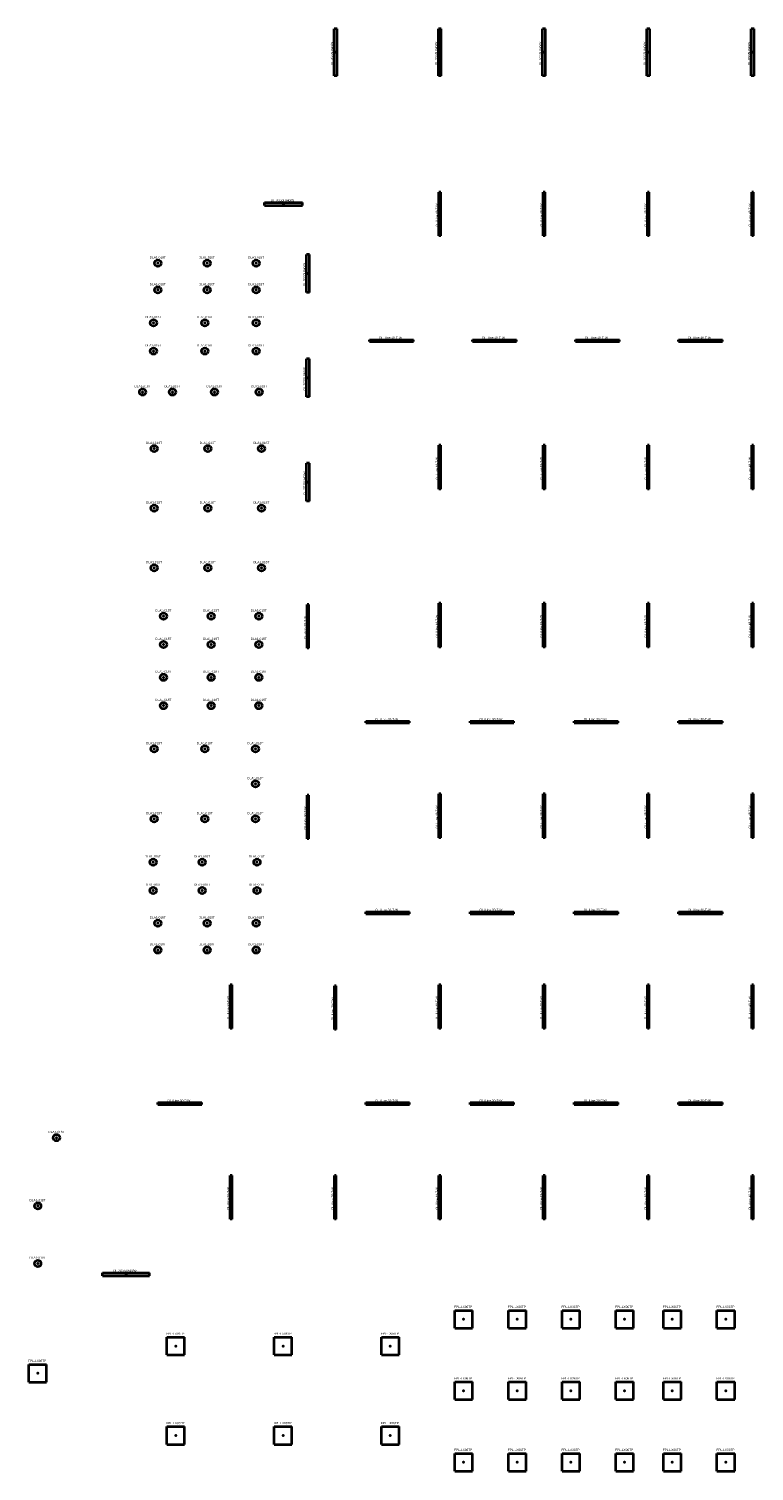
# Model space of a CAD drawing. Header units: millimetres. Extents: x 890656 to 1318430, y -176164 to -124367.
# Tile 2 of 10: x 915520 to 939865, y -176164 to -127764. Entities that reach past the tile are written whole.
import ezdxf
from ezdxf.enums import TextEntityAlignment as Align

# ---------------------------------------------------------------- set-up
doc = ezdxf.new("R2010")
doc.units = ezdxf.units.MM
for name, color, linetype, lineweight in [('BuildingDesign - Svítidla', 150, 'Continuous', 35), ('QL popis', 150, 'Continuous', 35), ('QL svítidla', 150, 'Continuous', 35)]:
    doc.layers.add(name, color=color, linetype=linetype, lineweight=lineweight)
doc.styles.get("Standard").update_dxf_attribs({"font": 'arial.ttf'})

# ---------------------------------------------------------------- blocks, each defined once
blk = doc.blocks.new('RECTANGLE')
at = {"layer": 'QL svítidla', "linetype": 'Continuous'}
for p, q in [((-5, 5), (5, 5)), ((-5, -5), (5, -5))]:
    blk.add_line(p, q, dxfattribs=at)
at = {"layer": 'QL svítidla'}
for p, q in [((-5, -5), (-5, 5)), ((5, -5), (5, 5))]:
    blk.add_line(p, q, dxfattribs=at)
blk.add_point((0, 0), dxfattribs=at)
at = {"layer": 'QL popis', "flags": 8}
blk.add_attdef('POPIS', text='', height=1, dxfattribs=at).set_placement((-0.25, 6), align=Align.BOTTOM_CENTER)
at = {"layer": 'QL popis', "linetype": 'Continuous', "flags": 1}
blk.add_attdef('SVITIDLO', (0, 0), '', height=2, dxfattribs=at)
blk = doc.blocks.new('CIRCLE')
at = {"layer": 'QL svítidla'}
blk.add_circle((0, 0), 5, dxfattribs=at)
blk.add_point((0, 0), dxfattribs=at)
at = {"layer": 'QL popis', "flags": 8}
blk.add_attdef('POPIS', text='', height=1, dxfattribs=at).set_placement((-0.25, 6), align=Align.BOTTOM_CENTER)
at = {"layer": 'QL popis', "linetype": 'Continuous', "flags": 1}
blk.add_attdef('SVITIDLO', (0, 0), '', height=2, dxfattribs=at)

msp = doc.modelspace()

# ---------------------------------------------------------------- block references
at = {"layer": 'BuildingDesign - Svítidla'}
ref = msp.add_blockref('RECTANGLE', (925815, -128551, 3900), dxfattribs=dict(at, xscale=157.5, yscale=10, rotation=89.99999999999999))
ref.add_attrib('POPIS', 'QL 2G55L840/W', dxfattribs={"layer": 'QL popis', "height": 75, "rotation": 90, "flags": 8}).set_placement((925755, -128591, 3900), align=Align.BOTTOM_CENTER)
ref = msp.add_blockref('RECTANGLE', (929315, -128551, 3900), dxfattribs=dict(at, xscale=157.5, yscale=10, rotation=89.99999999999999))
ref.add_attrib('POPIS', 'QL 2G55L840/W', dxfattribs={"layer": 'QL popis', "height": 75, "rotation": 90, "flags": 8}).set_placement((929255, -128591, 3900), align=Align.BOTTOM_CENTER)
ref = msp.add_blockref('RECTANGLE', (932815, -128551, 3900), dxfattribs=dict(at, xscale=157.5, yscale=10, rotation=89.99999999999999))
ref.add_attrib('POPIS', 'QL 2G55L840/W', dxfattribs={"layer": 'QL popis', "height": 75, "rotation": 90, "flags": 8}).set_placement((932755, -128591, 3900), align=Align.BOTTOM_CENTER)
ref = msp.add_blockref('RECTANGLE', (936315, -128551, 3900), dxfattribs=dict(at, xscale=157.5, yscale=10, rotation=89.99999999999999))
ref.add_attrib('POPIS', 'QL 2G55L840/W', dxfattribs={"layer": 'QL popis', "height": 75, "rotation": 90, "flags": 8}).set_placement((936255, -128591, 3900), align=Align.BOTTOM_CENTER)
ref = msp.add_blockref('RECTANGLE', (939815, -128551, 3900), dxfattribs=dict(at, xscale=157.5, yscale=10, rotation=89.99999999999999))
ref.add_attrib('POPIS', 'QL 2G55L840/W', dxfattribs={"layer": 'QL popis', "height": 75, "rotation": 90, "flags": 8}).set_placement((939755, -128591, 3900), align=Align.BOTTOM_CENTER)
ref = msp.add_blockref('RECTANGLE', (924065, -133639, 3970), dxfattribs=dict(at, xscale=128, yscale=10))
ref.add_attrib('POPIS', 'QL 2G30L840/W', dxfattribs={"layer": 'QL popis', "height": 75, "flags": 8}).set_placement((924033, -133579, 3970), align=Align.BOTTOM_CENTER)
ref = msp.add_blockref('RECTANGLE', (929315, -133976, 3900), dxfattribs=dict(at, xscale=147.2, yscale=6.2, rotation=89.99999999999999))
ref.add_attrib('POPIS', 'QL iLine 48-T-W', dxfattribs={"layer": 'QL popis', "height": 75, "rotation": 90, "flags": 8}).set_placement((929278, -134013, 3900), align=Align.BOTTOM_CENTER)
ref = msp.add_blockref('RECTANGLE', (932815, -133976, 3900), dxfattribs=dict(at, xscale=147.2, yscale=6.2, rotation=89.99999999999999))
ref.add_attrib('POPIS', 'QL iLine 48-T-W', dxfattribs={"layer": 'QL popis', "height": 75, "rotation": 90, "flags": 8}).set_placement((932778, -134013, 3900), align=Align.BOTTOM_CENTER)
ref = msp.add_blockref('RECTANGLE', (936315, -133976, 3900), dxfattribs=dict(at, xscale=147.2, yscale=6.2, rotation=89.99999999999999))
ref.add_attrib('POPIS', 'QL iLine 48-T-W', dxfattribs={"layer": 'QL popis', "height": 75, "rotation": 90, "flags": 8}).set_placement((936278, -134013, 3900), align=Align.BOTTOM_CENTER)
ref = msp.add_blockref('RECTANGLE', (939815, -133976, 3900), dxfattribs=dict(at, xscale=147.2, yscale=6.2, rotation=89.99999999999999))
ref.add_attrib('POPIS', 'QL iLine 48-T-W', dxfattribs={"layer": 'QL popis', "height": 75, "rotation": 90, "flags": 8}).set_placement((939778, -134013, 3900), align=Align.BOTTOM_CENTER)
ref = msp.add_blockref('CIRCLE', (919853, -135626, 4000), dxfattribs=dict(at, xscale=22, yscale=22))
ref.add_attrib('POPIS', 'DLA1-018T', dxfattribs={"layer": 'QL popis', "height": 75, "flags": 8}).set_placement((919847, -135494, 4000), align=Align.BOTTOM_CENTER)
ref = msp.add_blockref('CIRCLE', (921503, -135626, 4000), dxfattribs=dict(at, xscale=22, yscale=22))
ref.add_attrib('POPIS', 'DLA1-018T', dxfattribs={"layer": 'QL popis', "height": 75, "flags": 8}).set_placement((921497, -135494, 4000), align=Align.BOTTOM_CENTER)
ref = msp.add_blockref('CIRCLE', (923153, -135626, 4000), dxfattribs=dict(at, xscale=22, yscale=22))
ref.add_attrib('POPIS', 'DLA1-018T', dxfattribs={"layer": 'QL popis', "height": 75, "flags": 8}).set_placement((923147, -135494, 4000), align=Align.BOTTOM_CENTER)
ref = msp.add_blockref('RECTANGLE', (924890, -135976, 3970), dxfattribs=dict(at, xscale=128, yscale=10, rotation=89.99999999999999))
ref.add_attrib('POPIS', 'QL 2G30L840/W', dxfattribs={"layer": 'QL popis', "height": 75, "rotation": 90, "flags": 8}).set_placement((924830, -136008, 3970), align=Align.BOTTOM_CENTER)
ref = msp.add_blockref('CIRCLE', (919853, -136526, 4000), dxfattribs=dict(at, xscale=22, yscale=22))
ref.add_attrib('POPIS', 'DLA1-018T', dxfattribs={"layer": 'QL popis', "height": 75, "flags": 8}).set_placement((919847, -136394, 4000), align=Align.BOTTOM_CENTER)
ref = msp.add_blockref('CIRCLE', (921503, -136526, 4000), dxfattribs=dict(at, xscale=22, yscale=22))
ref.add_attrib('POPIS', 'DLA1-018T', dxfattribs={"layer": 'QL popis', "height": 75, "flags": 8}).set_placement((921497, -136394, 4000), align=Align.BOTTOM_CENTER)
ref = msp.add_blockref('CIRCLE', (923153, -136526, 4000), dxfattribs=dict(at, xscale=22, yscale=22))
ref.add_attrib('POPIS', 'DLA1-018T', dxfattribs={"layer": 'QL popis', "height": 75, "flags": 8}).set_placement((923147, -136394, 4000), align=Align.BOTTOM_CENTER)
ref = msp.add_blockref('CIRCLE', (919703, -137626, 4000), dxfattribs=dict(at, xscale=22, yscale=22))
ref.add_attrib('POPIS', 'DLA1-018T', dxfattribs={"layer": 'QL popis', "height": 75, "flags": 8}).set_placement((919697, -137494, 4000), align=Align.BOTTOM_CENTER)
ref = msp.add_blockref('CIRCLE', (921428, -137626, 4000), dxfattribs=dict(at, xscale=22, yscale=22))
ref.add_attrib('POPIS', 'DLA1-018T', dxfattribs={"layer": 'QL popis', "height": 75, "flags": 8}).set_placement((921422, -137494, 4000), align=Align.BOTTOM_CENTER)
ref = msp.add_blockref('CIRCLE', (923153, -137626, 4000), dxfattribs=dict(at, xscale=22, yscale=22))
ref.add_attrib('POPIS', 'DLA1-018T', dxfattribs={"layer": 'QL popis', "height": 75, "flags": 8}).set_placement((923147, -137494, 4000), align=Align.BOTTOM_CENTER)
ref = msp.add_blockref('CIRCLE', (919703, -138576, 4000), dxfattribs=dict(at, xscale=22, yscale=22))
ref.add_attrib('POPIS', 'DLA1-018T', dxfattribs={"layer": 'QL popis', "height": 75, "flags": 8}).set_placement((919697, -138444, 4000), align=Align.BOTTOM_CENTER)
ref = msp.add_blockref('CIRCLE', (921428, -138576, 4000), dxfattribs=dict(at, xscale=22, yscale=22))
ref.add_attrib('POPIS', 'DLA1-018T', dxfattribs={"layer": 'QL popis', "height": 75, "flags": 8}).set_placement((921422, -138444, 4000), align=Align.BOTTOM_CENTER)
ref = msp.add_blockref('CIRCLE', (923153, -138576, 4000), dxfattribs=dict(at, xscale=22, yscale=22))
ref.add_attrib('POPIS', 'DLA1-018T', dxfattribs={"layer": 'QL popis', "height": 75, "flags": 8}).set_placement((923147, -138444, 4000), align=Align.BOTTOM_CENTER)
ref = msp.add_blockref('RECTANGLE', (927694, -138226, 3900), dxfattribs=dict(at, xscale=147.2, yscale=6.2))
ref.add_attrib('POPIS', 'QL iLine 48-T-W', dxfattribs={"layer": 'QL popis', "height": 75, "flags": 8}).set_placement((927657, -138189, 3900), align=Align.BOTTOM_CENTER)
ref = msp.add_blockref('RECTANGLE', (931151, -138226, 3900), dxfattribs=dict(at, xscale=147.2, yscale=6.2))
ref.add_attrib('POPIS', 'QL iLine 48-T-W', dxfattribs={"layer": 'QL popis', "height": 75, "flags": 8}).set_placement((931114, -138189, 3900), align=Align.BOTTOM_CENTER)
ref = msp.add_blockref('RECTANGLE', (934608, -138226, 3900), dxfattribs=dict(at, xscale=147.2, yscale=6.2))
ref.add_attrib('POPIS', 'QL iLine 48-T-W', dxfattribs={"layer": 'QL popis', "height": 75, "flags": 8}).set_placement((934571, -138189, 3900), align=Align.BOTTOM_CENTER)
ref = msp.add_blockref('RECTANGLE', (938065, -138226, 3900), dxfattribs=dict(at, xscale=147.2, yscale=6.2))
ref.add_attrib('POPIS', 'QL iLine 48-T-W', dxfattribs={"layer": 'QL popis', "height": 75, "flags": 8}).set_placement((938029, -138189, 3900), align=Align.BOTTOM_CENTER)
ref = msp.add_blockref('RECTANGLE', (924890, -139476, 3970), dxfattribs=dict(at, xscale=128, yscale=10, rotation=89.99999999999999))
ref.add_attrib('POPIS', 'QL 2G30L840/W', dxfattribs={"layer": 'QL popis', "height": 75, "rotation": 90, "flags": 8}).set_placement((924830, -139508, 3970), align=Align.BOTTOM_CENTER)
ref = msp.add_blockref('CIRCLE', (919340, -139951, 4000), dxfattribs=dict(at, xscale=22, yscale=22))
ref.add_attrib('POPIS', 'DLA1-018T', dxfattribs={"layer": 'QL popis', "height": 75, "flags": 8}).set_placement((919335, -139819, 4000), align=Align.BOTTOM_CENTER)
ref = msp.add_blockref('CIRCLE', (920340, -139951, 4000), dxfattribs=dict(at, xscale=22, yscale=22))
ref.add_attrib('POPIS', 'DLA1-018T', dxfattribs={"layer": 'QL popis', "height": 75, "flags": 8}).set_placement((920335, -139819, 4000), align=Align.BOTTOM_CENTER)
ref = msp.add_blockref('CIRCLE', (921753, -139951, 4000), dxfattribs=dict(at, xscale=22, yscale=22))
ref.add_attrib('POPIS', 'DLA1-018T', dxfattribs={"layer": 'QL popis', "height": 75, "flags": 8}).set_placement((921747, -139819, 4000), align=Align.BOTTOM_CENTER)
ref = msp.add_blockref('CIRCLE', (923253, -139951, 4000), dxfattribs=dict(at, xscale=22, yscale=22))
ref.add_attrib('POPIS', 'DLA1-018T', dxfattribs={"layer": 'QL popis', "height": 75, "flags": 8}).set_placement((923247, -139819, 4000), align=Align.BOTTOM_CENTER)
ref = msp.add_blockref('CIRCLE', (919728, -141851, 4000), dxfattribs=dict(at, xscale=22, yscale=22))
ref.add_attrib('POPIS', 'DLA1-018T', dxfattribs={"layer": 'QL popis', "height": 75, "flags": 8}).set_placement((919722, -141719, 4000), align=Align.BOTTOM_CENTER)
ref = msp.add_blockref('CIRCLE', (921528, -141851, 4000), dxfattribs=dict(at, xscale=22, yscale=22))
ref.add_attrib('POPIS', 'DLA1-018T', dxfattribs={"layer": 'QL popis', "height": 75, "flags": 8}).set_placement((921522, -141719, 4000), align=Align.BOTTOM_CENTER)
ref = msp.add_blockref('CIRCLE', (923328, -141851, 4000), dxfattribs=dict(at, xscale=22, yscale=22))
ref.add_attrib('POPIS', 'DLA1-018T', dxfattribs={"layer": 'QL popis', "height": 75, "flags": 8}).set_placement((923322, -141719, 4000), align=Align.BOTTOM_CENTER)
□ □ □
**The problem**
Find out how many lines above hold "name". Write only the number.

**Expected answer**
2